Just in case you need to assign a specific pos tag to an entity, the same can be achieved by including a property `pos` in the entity definition and assigning it the desired pos tag (e.g. `'NNP'`); the wink-pos-tagger will automatically do the needful.
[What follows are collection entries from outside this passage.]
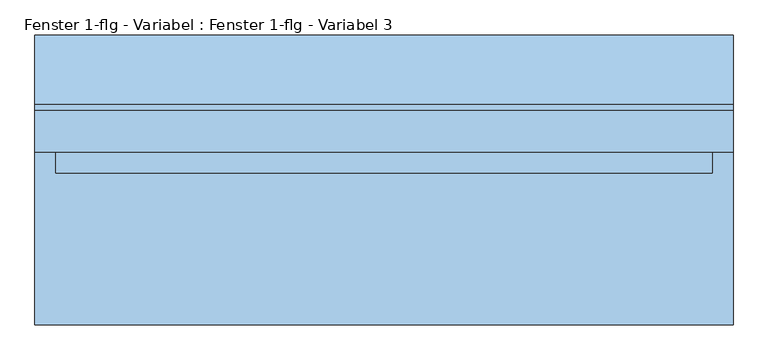
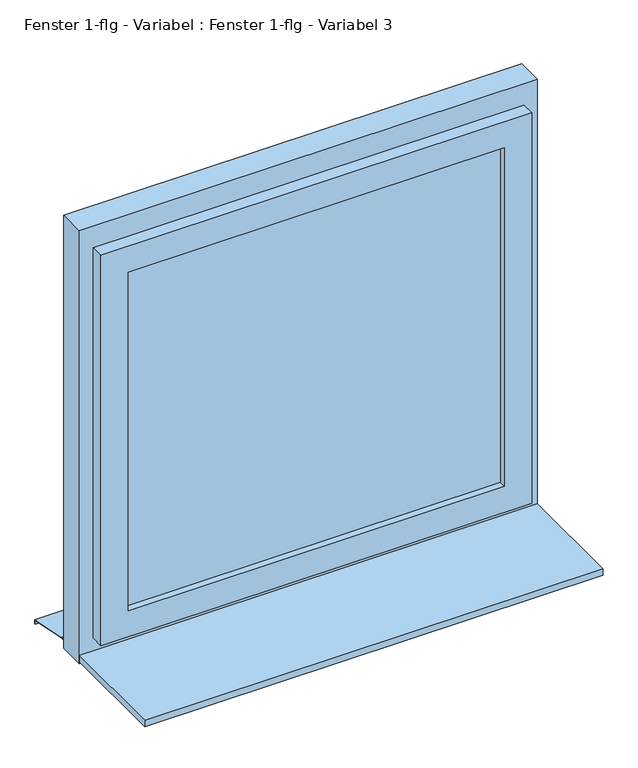
"""IFC4 building model written with IfcOpenShell, lengths in millimetres: window geometry, Fenster 1-flg - Variabel : Fenster 1-flg - Variabel 3."""

from ifc_helpers import new_model, si_unit, frame, origin, place, context, project, spatial, polyline, outline, extrude, faceted_brep, source, transform, mapped, element, save


def fenster_1_flg_variabel_fenster_1_flg_variabel_3_8a378bad(model_context):
    return source(origin(), model_context, "Body", "SolidModel", [
        extrude(outline(polyline([(2010.0, 505.0), (2010.0, -505.0), (1000.0, -505.0), (1000.0, 505.0), (2010.0, 505.0)]), holes=[polyline([(1930.0, 445.0), (1080.0, 445.0), (1080.0, -445.0), (1930.0, -445.0), (1930.0, 445.0)])]), frame((0.0, 40.0, 0.0), z_axis=(0.0, 1.0, 0.0), x_axis=(0.0, 0.0, 1.0)), (0.0, 0.0, 1.0), 60.0),
        faceted_brep([(475.0, 40.0, 1960.0), (475.0, 10.0, 1960.0), (475.0, 10.0, 1050.0), (475.0, 40.0, 1050.0), (-475.0, 10.0, 1960.0), (-475.0, 10.0, 1050.0), (415.0, 10.0, 1110.0), (-415.0, 10.0, 1110.0), (-415.0, 10.0, 1900.0), (415.0, 10.0, 1900.0), (-475.0, 40.0, 1050.0), (-475.0, 40.0, 1960.0), (445.0, 40.0, 1930.0), (-445.0, 40.0, 1930.0), (-445.0, 40.0, 1080.0), (445.0, 40.0, 1080.0), (445.0, 70.0, 1930.0), (445.0, 70.0, 1080.0), (-445.0, 70.0, 1080.0), (-445.0, 70.0, 1930.0), (415.0, 70.0, 1900.0), (-415.0, 70.0, 1900.0), (-415.0, 70.0, 1110.0), (415.0, 70.0, 1110.0)], [[[0, 1, 2, 3]], [[1, 4, 5, 2], [6, 7, 8, 9]], [[3, 2, 5, 10]], [[3, 10, 11, 0], [12, 13, 14, 15]], [[16, 12, 15, 17]], [[17, 15, 14, 18]], [[17, 18, 19, 16], [20, 21, 22, 23]], [[9, 20, 23, 6]], [[6, 23, 22, 7]], [[10, 5, 4, 11]], [[18, 14, 13, 19]], [[7, 22, 21, 8]], [[11, 4, 1, 0]], [[19, 13, 12, 16]], [[8, 21, 20, 9]]]),
        extrude(outline(polyline([(-505.0, -210.0), (-505.0, 40.0), (505.0, 40.0), (505.0, -210.0), (-505.0, -210.0)])), frame((0.0, 0.0, 1005.0), z_axis=(0.0, 0.0, 1.0), x_axis=(1.0, 0.0, 0.0)), (0.0, 0.0, 1.0), 15.0),
        extrude(outline(polyline([(110.0221543, 1020.0), (210.0, 1000.0), (210.0, 990.0), (208.0, 990.0), (208.0, 998.3604634), (109.8240723, 1018.0), (100.0, 1018.0), (100.0, 1020.0), (110.0221543, 1020.0)])), frame((-505.0, 0.0, 0.0), z_axis=(1.0, 0.0, 0.0), x_axis=(0.0, 1.0, 0.0)), (0.0, 0.0, 1.0), 1010.0),
        extrude(outline(polyline([(415.0, 25.0), (-415.0, 25.0), (-415.0, 55.0), (415.0, 55.0), (415.0, 25.0)])), frame((0.0, 0.0, 1110.0), z_axis=(0.0, 0.0, 1.0), x_axis=(1.0, 0.0, 0.0)), (0.0, 0.0, 1.0), 790.0),
    ])


if __name__ == "__main__":
    model = new_model("IFC4")
    model_context = context("Model", 3, world=origin())
    ifc_project = project(units=[si_unit("LENGTHUNIT", "METRE", prefix="MILLI")], contexts=[model_context])
    site = spatial("IfcSite", under=ifc_project)
    building = spatial("IfcBuilding", under=site)
    placement = place(None, origin())
    fenster_1_flg_variabel_fenster_1_flg_variabel_3_shape = fenster_1_flg_variabel_fenster_1_flg_variabel_3_8a378bad(model_context)
    element("IfcWindow", 1, ObjectType="Fenster 1-flg - Variabel : Fenster 1-flg - Variabel 3", at=placement, inside=building, context=model_context, shape_type="MappedRepresentation", body=[
        mapped(fenster_1_flg_variabel_fenster_1_flg_variabel_3_shape, transform((0.0, 0.0, 0.0), x_axis=(1.0, 0.0, 0.0), y_axis=(0.0, 1.0, 0.0), z_axis=(0.0, 0.0, 1.0))),
    ])
    save(model, "model.ifc")

# Revit data of these elements
# Type "Fenster 1-flg - Variabel : Fenster 1-flg - Variabel 3"
#   Type Mark = "52"
#   Operation = "SinglePanel"
#   Construction Type Id = "GSP4R"
#   Keynote = "16.05.01"
#   Analytic Construction = "1/8 Zoll Pilkington-Verglasung einfach"
#   Cost = 78.2
#   Visual Light Transmittance = 0.9
#   Höhe oberer  Rahmen = 0.080 m
#   Solar Heat Gain Coefficient = 0.86
#   Tiefe Flügel = 0.060 m
#   Rough Width [instance default] = 1.010 m
#   Rough Height [instance default] = 1.010 m
#   Rahmenhöhe unten = 0.080 m
#   Heat Transfer Coefficient (U) = 6.7069 W/(m²·K)
#   Rahmentiefe = 0.060 m
#   Rahmenbreite = 0.060 m
#   Height [instance default] = 1.010 m
#   Flügelbreite = 0.060 m
#   Einbautiefe (von außen) [instance default] = 0.080 m
#   Width [instance default] = 1.010 m
#   Define Thermal Properties by = 1
#   Öffnungsrichtung oben [instance default] = yes
#   Öffnungsrichtung in Draufsicht anzeigen [instance default] = no
#   Klappflügel [instance default] = no
#   Drehflügel 1 [instance default] = yes
#   Fensterflügel [instance default] = none
#   Innere Fensterbank [instance default] = none
#   Glas [instance default] = none
#   Bild [instance default] = none
#   Äußere Fensterbank [instance default] = none
#   Wall Closure = (empty or 0)
# Element 1 (IfcWindow, "Fenster 1-flg - Variabel : Fenster 1-flg - Variabel 3")
#   Materials on its faces: "Kunststoff - Weiß", "Holz - Birke", "Glas"
# Materials
#   "Kunststoff - Weiß": class "Kunststoff", colour RGB 249 249 249, transparency 0, Cost = 0
#   "Holz - Birke": class "Holz", colour RGB 213 164 103, transparency 0, Cost = 0
#   "Glas": class "Glas", colour RGB 0 0 255, transparency 0.75, Comments = "Render-Darstellung nicht aktualisiert ", Cost = 0

For details please refer to [`learn()`](#learn) api of wink-ner.

```javascript
// Load pos tagger.
var tagger = require( 'wink-pos-tagger' );
// Instantiate it and extract tag api.
var tag = tagger().tag;
tokens = tag( tokens );
console.log( tokens );
// -> [ { entityType: 'club', uid: 'manu', originalSeq: [ 'Manchester', 'United' ],
// value: 'manchester united', tag: 'word', normal: 'manchester united', pos: 'NNP' },
// { value: 'is', tag: 'word', normal: 'is', pos: 'VBZ', lemma: 'be' },
// { value: 'a', tag: 'word', normal: 'a', pos: 'DT' },
// { value: 'football', tag: 'word', normal: 'football', pos: 'NN', lemma: 'football' },
// { value: 'club', tag: 'word', normal: 'club', pos: 'NN', lemma: 'club' },
// { value: 'based', tag: 'word', normal: 'based', pos: 'VBN', lemma: 'base' },
// { value: 'in', tag: 'word', normal: 'in', pos: 'IN' },
// { value: 'Manchester', tag: 'word', originalSeq: [ 'Manchester' ],
// uid: 'manchester', entityType: 'city', normal: 'manchester', pos: 'NNP' },
// { value: ',', tag: 'punctuation', normal: ',', pos: ',' },
// { entityType: 'country', uid: 'uk', originalSeq: [ 'U', '.', 'K' ],
// value: 'u k', tag: 'word', normal: 'u k', pos: 'NNP' },
// { value: '.', tag: 'punctuation', normal: '.', pos: '.' }
// ]

```
### Documentation
Check out the [named entity recognizer API documentation](http://winkjs.org/wink-ner/) to learn more.

### Need Help?

If you spot a bug and the same has not yet been reported, raise a new [issue](https://github.com/winkjs/wink-ner/issues) or consider fixing it and sending a pull request.

### About wink
[Wink](http://winkjs.org/) is a family of open source packages for **Statistical Analysis**, **Natural Language Processing** and **Machine Learning** in NodeJS. The code is **thoroughly documented** for easy human comprehension and has a **test coverage of ~100%** for reliability to build production grade solutions.

### Copyright & License

**wink-ner** is copyright 2017-20 [GRAYPE Systems Private Limited](http://graype.in/).

It is licensed under the terms of the MIT License.